I learned that the worst could happen at any moment and with no warning. I didn’t want to go outside anymore. I avoided the woods where Everett and I had played. I hated to let my brother and my dad out of my sight. For four years, I lived with a pounding heart and shaking hands.

But I’m sixteen now, and ready to find my way back to myself, to somehow move forward. Therapy is helping. I let one new friend into my life, and she’s helping, too. I’m trying this new thing where I act like the old me—unafraid and confident and bold. I’m doing scary things and trying not to let them scare me.

Then one night as I’m sitting outside in the dark, Everett walks through the trees and back into my life.
M Y   T H O U G H T S

Fact: I read less YA now than ever.

Another fact: There are a few YA authors who I will continue to read no matter what. That short list includes long-time favorites like Katie McGarry, Julie Cross and Robin Benway – and it also includes Lora Richardson.

Richardson writes contemporary young adult novels that speak to me. There are no fantastical worlds, no over the top drama, no too good to be true characters. What Richardson does best is create down to earth, realistic characters that feel like people you could know in your everyday life - the girl at school, the guy down the street.
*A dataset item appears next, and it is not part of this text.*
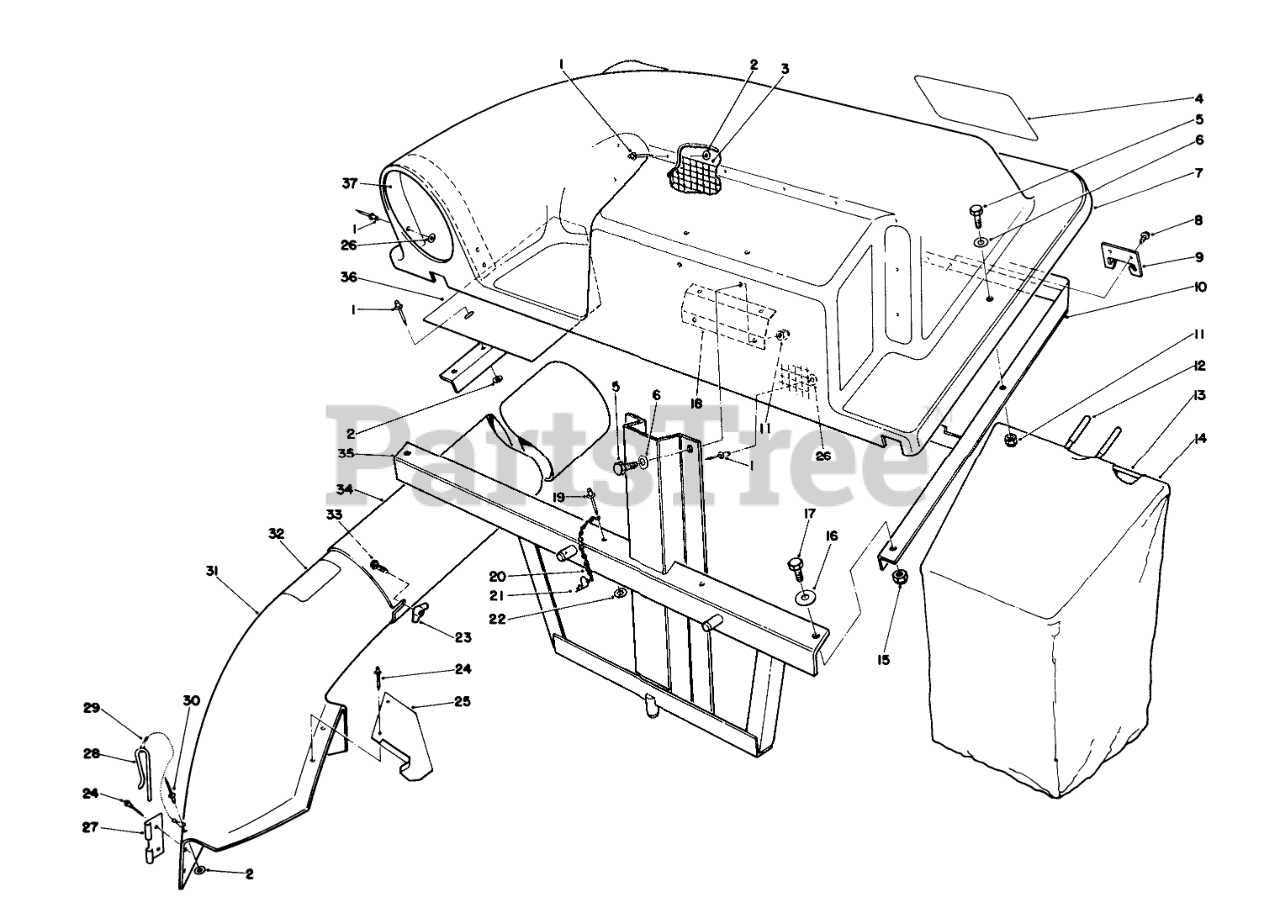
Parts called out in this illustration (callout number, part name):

And she tells their stories with a gentle hand that draws you in and makes you care and feel and hope.

In Vanishing Summer, we meet sixteen-year-old Greta. A girl who is fearful and doesn’t take unnecessary chances. But Greta wasn’t always that way; she used to be bold and daring. That ended the day her best friend was taken away right in front of her – and never came back. Until he did. Until one night he walked out of the trees, stood in front of her, and said her name.

I was me, and he was him, but we weren’t us anymore.
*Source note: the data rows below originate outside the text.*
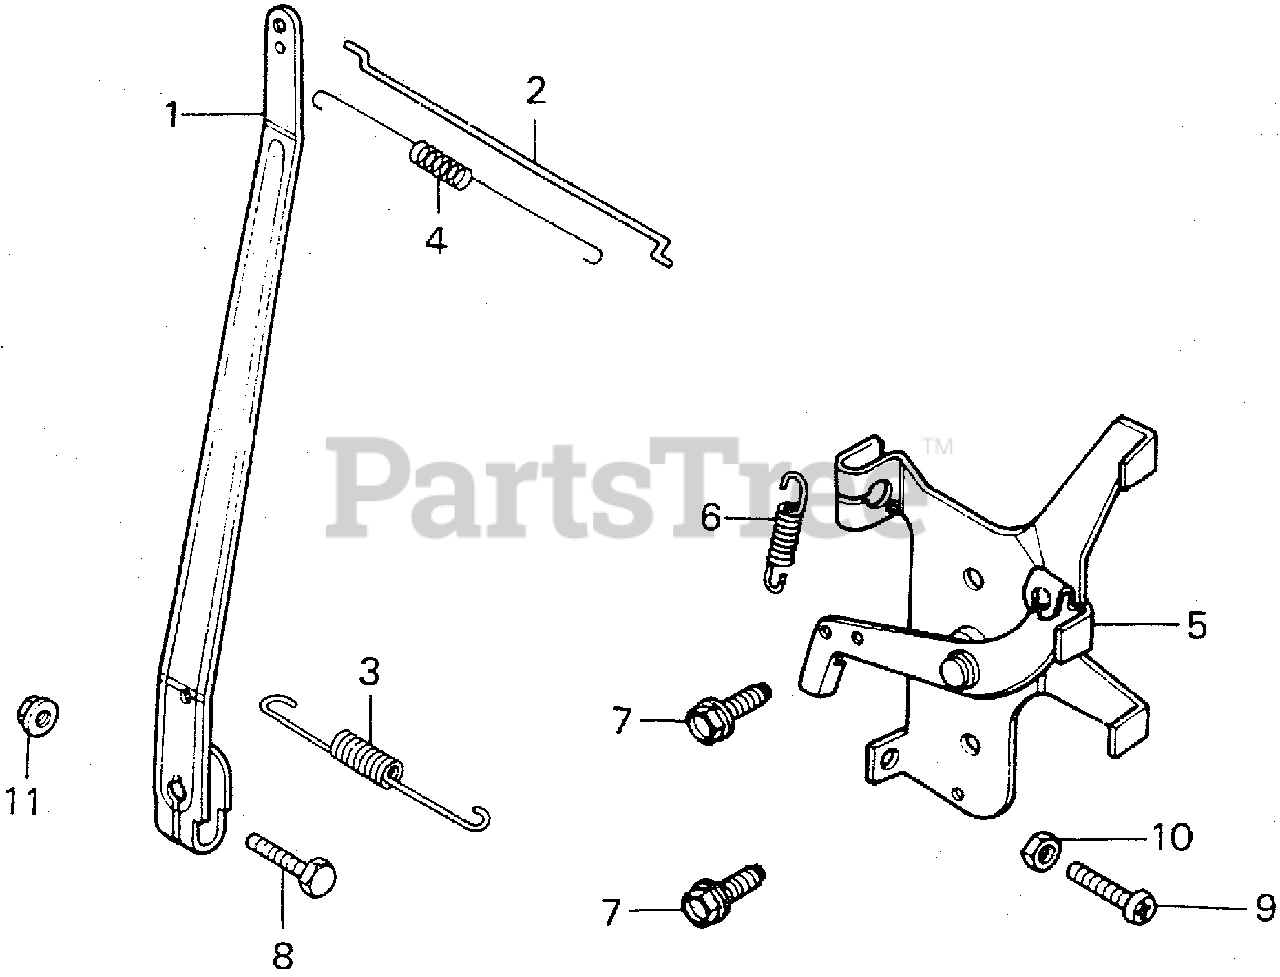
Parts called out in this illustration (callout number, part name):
1	ARM, GOVERNOR
2	ROD, GOVERNOR
3	SPRING, GOVERNOR
4	SPRING, THROTTLE RETURN
5	LEVER, CONTROL
6	SPRING, CABLE RETURN
7	BOLT, FLANGE (6X12) (CT200)
8	BOLT, HEX. (6X20)
8	BOLT, HEX. (6X25)
9	SCREW, PAN (6X20)
10	NUT, HEX. (6MM)
11	NUT, FLANGE (6MM)

I cared so much for Greta and Everett. I wanted to hug Everett all the time for what he had been through, what he had lost, and his struggle to return to a life he no longer knew. While Everett suffered while he was away, Greta was tormented as well, dealing with guilt that she was somehow responsible. She showed real maturity when she knew she had to give Everett time and space. She wanted to immediately be right back by his side every moment and pick up where they left off and yet she was still intuitive enough to know to give him time. She didn’t push him to share but was there when he wanted to talk. They had such a special connection and were so supportive of one another.

“Do you think I’m going to be okay?” he asked?
“I do.”
“Good. I trust you. If you think so, it must be true.”

The secondary characters were just as appealing. There was a strong family dynamic and it was refreshing to see a family that obviously loved and cared and supported. Greta’s father and brother showed their concern for her, both before Everett returned and after, and I loved their close-knit unit. Everett’s mom, Greta’s friend Meredith, Greta’s boss at the little theater where she worked… they all provided a cocoon of love and encouragement.

Vanishing Summer provided everything I loved in contemporary YA. Characters that I connected with and that felt believable, a story that captured my heart and my emotions, and the hint of a romance that had all the sweetness and yearning of first love. If you’re a fan of contemporary YA, do yourself a favor and experience Greta and Everett’s story for yourself. You won’t be sorry.


Note: I received a complimentary copy of this book from the author. This does not impact my opinion of the book or the content of this review. I received no compensation and my review is voluntary.

Author Interview: Meet Lora Richardson

Did you catch my exclusive reveal for the cover of Lora Richardson's new release, Vanishing Summer, on Monday? This contemporary YA novel is a special story featuring main character Greta, a girl who has spent several years dealing with guilt and grief and is finding her way back to the girl she used to be. And there's Everett, a young man who feels like a stranger in his own life and is also struggling to find his way. I loved this story and you can get it for a limited time for just 99 cents! 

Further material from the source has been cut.